■ **Given information**
-- Opening Marker --
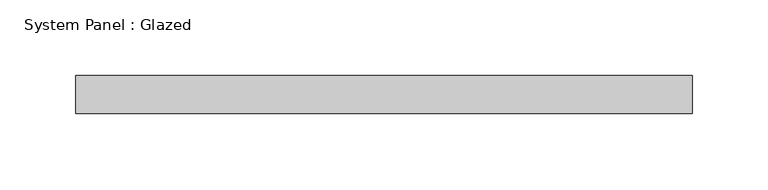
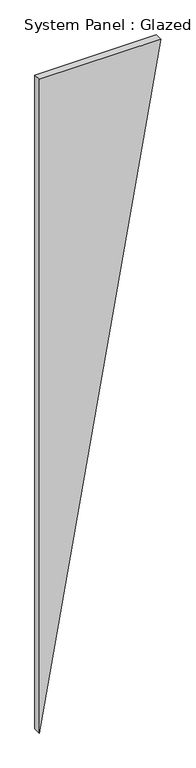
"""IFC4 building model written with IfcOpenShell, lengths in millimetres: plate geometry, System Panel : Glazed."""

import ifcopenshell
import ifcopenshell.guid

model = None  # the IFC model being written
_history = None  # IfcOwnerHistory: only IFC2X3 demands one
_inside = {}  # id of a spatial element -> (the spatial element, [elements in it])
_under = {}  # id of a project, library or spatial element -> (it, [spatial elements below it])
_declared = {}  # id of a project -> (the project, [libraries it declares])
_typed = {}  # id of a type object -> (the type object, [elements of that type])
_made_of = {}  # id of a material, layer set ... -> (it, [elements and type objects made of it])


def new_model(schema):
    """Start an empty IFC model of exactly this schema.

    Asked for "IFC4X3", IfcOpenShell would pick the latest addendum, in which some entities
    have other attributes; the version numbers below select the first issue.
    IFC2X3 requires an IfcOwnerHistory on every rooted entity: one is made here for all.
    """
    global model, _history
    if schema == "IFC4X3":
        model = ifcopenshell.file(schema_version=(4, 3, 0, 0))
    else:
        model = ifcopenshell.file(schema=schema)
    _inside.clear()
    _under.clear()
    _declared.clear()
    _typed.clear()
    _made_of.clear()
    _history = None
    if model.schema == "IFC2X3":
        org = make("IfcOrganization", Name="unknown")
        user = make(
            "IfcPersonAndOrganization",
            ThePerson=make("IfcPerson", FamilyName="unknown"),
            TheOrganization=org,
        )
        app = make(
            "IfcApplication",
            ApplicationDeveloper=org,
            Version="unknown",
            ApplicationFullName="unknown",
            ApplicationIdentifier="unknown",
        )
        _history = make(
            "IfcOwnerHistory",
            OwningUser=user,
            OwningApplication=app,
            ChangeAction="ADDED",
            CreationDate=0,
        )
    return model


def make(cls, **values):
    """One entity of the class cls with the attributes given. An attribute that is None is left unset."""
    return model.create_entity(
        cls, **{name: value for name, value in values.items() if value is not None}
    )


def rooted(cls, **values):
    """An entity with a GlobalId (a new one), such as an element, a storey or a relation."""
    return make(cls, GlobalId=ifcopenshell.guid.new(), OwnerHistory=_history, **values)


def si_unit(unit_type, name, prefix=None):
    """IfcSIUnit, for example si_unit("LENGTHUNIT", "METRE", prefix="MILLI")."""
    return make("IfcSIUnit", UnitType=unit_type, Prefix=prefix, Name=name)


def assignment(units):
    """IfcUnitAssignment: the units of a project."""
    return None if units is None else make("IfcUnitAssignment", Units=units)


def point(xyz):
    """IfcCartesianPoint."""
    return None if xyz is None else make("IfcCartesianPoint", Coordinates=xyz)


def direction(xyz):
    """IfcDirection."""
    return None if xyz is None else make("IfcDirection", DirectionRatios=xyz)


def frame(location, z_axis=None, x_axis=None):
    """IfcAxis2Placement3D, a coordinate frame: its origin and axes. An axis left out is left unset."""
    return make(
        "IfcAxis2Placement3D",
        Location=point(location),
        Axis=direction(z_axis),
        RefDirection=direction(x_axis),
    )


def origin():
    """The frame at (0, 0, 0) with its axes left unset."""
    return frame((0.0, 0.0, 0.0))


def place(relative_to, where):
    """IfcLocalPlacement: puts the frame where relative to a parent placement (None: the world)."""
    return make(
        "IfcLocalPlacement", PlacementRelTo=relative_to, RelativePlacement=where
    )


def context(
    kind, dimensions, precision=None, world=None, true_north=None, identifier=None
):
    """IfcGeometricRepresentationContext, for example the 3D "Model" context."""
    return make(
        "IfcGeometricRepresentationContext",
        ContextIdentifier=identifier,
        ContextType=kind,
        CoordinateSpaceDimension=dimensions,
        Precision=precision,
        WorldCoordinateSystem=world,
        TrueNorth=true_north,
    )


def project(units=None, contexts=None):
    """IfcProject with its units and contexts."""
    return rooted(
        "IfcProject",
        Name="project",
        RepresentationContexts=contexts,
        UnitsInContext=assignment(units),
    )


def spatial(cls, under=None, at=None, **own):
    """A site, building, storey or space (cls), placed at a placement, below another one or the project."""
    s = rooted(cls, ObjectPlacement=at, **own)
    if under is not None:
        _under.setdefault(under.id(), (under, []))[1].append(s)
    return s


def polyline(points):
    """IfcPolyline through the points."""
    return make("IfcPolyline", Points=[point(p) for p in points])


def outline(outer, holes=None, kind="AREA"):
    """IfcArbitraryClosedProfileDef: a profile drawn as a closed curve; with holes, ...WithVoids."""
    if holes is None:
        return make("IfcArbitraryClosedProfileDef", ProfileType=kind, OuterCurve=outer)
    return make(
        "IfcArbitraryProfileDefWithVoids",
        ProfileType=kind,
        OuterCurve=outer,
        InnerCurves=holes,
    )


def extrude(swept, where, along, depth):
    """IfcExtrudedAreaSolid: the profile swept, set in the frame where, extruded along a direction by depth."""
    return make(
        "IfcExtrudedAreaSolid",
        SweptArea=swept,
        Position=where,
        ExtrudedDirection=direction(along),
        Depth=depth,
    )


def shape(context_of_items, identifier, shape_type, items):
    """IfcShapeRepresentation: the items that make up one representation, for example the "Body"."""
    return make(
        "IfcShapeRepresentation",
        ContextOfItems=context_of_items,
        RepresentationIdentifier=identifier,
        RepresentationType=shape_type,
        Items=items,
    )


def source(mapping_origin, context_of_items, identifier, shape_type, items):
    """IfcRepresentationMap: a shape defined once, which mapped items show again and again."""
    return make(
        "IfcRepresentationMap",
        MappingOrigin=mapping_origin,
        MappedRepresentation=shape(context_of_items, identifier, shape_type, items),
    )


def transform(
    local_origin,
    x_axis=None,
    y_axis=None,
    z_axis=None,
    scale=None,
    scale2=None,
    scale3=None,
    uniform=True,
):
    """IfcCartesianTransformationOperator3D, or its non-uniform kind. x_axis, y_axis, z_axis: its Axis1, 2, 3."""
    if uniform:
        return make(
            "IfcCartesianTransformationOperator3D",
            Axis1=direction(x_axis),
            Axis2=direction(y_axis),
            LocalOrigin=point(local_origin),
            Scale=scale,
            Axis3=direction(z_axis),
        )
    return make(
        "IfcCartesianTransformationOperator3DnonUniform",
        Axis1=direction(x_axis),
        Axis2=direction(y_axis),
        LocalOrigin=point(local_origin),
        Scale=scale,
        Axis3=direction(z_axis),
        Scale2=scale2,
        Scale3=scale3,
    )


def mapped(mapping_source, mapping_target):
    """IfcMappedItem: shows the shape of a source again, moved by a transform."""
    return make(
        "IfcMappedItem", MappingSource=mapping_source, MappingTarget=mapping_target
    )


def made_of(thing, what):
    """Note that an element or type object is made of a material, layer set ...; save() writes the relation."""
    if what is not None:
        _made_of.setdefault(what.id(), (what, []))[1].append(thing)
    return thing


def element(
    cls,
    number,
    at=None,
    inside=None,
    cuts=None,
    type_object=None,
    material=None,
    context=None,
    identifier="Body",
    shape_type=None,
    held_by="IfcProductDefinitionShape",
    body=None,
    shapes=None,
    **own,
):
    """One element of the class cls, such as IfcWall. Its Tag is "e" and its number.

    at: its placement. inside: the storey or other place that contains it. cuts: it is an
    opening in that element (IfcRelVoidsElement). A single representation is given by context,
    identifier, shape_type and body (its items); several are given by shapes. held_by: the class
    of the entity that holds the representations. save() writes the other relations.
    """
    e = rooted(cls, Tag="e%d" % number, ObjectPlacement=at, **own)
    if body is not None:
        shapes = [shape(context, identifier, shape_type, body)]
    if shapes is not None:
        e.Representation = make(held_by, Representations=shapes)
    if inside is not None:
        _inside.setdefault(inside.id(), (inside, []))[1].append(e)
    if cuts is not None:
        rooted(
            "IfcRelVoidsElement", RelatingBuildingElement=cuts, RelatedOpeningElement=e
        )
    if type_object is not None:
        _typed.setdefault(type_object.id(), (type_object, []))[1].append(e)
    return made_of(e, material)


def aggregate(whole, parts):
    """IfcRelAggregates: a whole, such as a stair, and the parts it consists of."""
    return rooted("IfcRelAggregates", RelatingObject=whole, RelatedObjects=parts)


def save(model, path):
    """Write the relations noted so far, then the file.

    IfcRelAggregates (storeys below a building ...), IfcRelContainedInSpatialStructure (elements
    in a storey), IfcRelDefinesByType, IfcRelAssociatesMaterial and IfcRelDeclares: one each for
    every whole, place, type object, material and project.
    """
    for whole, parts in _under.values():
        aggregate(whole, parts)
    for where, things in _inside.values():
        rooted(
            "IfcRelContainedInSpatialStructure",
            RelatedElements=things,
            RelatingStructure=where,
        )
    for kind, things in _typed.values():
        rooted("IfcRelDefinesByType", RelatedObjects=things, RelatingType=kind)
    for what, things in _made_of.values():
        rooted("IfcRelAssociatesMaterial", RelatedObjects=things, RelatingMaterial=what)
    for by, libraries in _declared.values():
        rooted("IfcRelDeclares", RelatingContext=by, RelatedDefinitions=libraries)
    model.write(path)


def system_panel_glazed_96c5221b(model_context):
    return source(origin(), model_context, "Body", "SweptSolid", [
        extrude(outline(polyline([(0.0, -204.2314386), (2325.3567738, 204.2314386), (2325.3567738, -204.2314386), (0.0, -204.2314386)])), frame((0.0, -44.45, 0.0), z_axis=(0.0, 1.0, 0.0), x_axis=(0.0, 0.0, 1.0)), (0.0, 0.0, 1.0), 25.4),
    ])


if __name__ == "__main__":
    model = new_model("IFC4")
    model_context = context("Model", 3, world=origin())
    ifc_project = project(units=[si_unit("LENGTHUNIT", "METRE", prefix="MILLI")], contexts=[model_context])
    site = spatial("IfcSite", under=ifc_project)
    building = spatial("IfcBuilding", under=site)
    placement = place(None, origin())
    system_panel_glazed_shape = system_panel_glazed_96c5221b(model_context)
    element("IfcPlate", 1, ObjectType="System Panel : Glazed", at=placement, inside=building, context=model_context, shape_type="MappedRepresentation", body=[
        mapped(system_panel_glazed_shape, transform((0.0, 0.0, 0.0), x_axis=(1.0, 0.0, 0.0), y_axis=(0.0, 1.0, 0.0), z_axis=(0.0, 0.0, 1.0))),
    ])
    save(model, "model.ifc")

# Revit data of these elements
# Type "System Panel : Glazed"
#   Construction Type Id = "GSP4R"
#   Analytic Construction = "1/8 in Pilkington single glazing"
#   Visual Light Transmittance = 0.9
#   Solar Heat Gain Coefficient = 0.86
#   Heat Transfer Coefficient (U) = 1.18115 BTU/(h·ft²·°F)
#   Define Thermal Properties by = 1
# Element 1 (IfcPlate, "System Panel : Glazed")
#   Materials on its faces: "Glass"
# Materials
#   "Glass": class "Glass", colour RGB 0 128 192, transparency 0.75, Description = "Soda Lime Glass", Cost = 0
-- Closing Marker --
■ **What the task asks**
Find every line of the data that includes the string "LENGTHUNIT". Copy each of those lines.

■ **Output**
    """IfcSIUnit, for example si_unit("LENGTHUNIT", "METRE", prefix="MILLI")."""
    ifc_project = project(units=[si_unit("LENGTHUNIT", "METRE", prefix="MILLI")], contexts=[model_context])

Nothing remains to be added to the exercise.